# 2Gig 1066mhz vs. 4gig 800mhz



## Metall Pingwin (Nov 5, 2007)

Ive beeb upgrading my computer recently, I got a new motherboard (p35 platinum), processor (core 2 duo 4500) GFX card (8800GT), power supply (650) and a new case. Afer putting the computer together it wouldnt boot. I solved the problem, which turned out to be my ram. In short, it's too old to be copmatible with the mobo. 

I decided to go ahead and use the full potential of the mobo and processor and get 4 gigabytes of high quality ram. But now I stumbled upon a two way road. Due to budget constraints i can either buy *two sticks of 1066mhz 1Gig ram* or _*two sticks of 2GB, 800mhz ram*_. 

However I need help gauging if the higher speed of the two 1gig sticks will outweight the two 2gigs of lower speed, or vice versa.
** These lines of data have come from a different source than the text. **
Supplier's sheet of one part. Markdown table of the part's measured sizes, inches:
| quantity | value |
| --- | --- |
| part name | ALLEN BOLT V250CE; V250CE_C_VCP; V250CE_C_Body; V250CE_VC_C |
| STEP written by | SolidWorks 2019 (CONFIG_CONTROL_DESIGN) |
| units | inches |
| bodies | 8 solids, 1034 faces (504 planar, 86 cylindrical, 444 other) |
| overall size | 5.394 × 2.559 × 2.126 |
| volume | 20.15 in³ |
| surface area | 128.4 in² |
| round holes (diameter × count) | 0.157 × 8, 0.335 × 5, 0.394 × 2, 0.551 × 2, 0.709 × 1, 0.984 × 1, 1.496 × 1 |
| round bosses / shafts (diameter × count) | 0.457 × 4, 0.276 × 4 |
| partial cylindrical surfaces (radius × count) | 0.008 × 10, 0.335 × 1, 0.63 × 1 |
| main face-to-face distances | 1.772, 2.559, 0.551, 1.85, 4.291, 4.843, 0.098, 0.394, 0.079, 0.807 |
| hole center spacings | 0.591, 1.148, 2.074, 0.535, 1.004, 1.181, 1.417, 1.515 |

In summary 2Gig 1066mhz (two sticks) vs. 4gig 800mhz (two sticks)


----------



## 1 g0t 0wn3d (Jan 31, 2007)

2 sticks of 1gb 800mhz (later cpus) right now you only need a step lower in dual channel any more and the fsb bottlenecks, and more then 2gb is overkill for 32bit os and you will see little gain for a bunch more money


----------



## Metall Pingwin (Nov 5, 2007)

At the risk of sounding like a smartass, ill have to say that if I but 2 sticks of 1gb, it will have to be 1066mhz. My mobo right now supports up to 1333, and I plan to take advantage of the fact. Plus if I get 2gigs now, i will want to expand it to 4 gigs in the future, by then 1066 will probably be the new standard.
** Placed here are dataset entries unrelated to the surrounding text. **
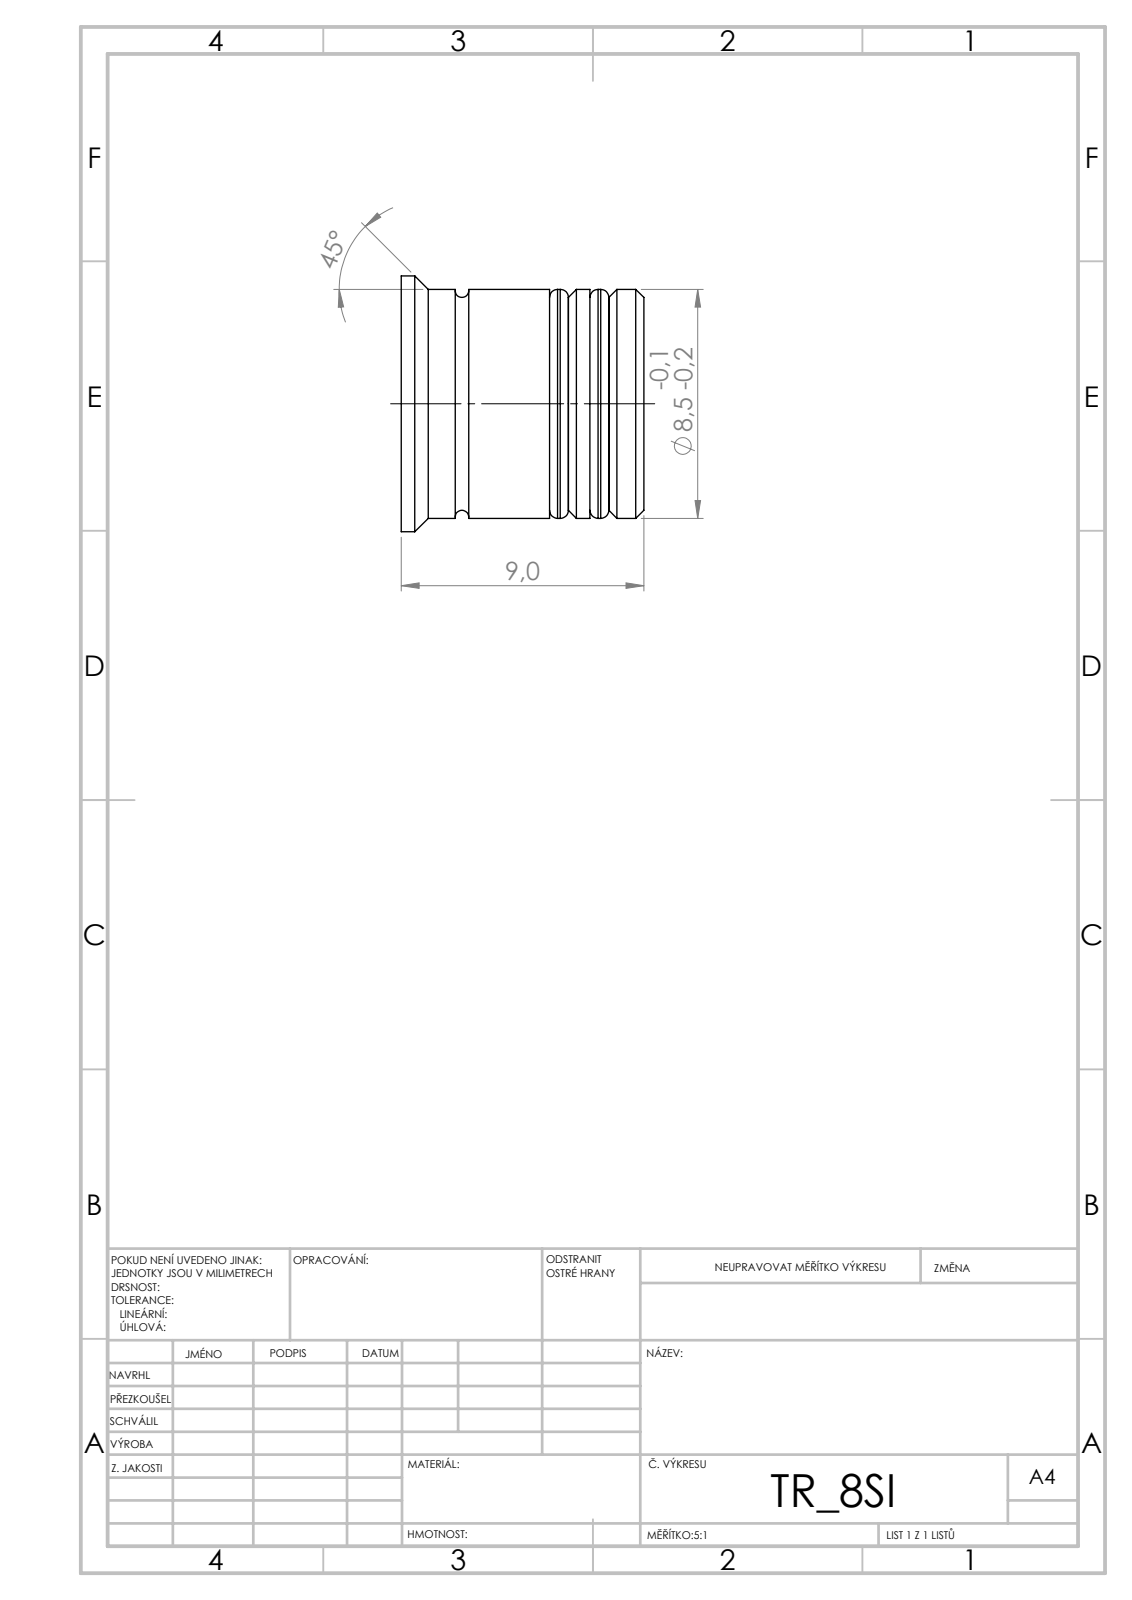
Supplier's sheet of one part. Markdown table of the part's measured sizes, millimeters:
| quantity | value |
| --- | --- |
| STEP written by | SolidWorks 2019 (CONFIG_CONTROL_DESIGN) |
| units | millimeters |
| bodies | 3 solids, 72 faces (30 planar, 20 cylindrical, 22 other) |
| overall size | 9.5 × 9.5 × 9 |
| volume | 550 mm³ |
| surface area | 703 mm² |
| round bosses / shafts (diameter × count) | 9.5 × 1, 8.5 × 1, 7.9 × 1, 5.5 × 1 |
| main face-to-face distances | 1.5, 0.7, 5.5, 2, 3.5, 2.2, 0.8, 1.3, 2.8, 1 |

If there is actual danger of a bottleneck, and 800mhz is really the way to go, i see no reason why not to go for 4 gigs. It's is not my money may i point out, but a gift, whatever i don't spend goes away.

The question is rather regarding which one of the two combinations will give me higher performance.

PS. Does the distribution of GB\stick affect the performance at all?
Meaning, would in theory (ignore dual chanel) 2x1GB be different from 1x2GB?


----------



## 1 g0t 0wn3d (Jan 31, 2007)

oh well if its a gift then by all means get the 4gb (you can always go to a 64bit os or put a partition off and run linux to use the extra ram)


----------



## Metall Pingwin (Nov 5, 2007)

Now i'm also wondering how can there possibly be a bottleneck with 1066mhz ram? The mobo supports way more and my cpu is a dual core so it utilises dual chanel ram better.

Where does the bottleneck occur?


----------



## 1 g0t 0wn3d (Jan 31, 2007)

ok so dual channel yuo getting 2 time the rated ram speed (both combined) the cpu is only going to use as more of that speed as its fsb is in your case that is 1066mhz thats a whole 1066mhz just sitting there


----------



## Metall Pingwin (Nov 5, 2007)

So am i understanding you correctly, the 1333 is the total the motherboard can take at once?

That seems extremely unlikely seeing as 1333 is the very maximum that exists right now, and you can buy a set of two 1333 sticks, clearly made for dual channel, how would the manufacturers justify that?


----------



## 1 g0t 0wn3d (Jan 31, 2007)

no the cpu's fsb is the limitation (that 1333 may be the max fsb of the board without overclocking thats the fastest fsb yet however when overclocking you can increase the speed of the fsb hence the need for higher clocked ram)


----------



## Metall Pingwin (Nov 5, 2007)

I looked for some and these I found that looked very good and had great reviews, plus it comes with pretty LED lights.
http://www.newegg.com/Product/Product.aspx?Item=N82E16820148076

These however have some sort of heat spredder with them, along with 4-4-4-3-5 latencies. I don't however heed the low ones too much as from what ive read the low latencies either don't work, or requite hard core ocing. So most likely ill still end up running 4-4-4-12.

http://www.newegg.com/Product/Product.aspx?Item=N82E16820609026

I don't know, Im starting to get a headache and i'm honestly sick of ram. Any more help, whether it be picking the better one of the two or pointing me to some even better ram (combined cost of two sets no more than $140, preferably $130) would be greatly appreciated.


----------



## 1 g0t 0wn3d (Jan 31, 2007)

these are nice http://www.newegg.com/Product/Product.aspx?Item=N82E16820145034


----------



## linderman (May 20, 2005)

*if its a gift* / get the 1066 mhz ram 2 x one gig sticks (timings of 4-4-4-12) is more than sufficient


a 32 bit OS use 4 gigs of ram / it doesnt have enough memory registers


often times installing four gigs makes the system run slower

4 gigs runs nice in the 64 bit OS's though, then lack of decent software will kick your butt instead ! :wink:

enjoy


----------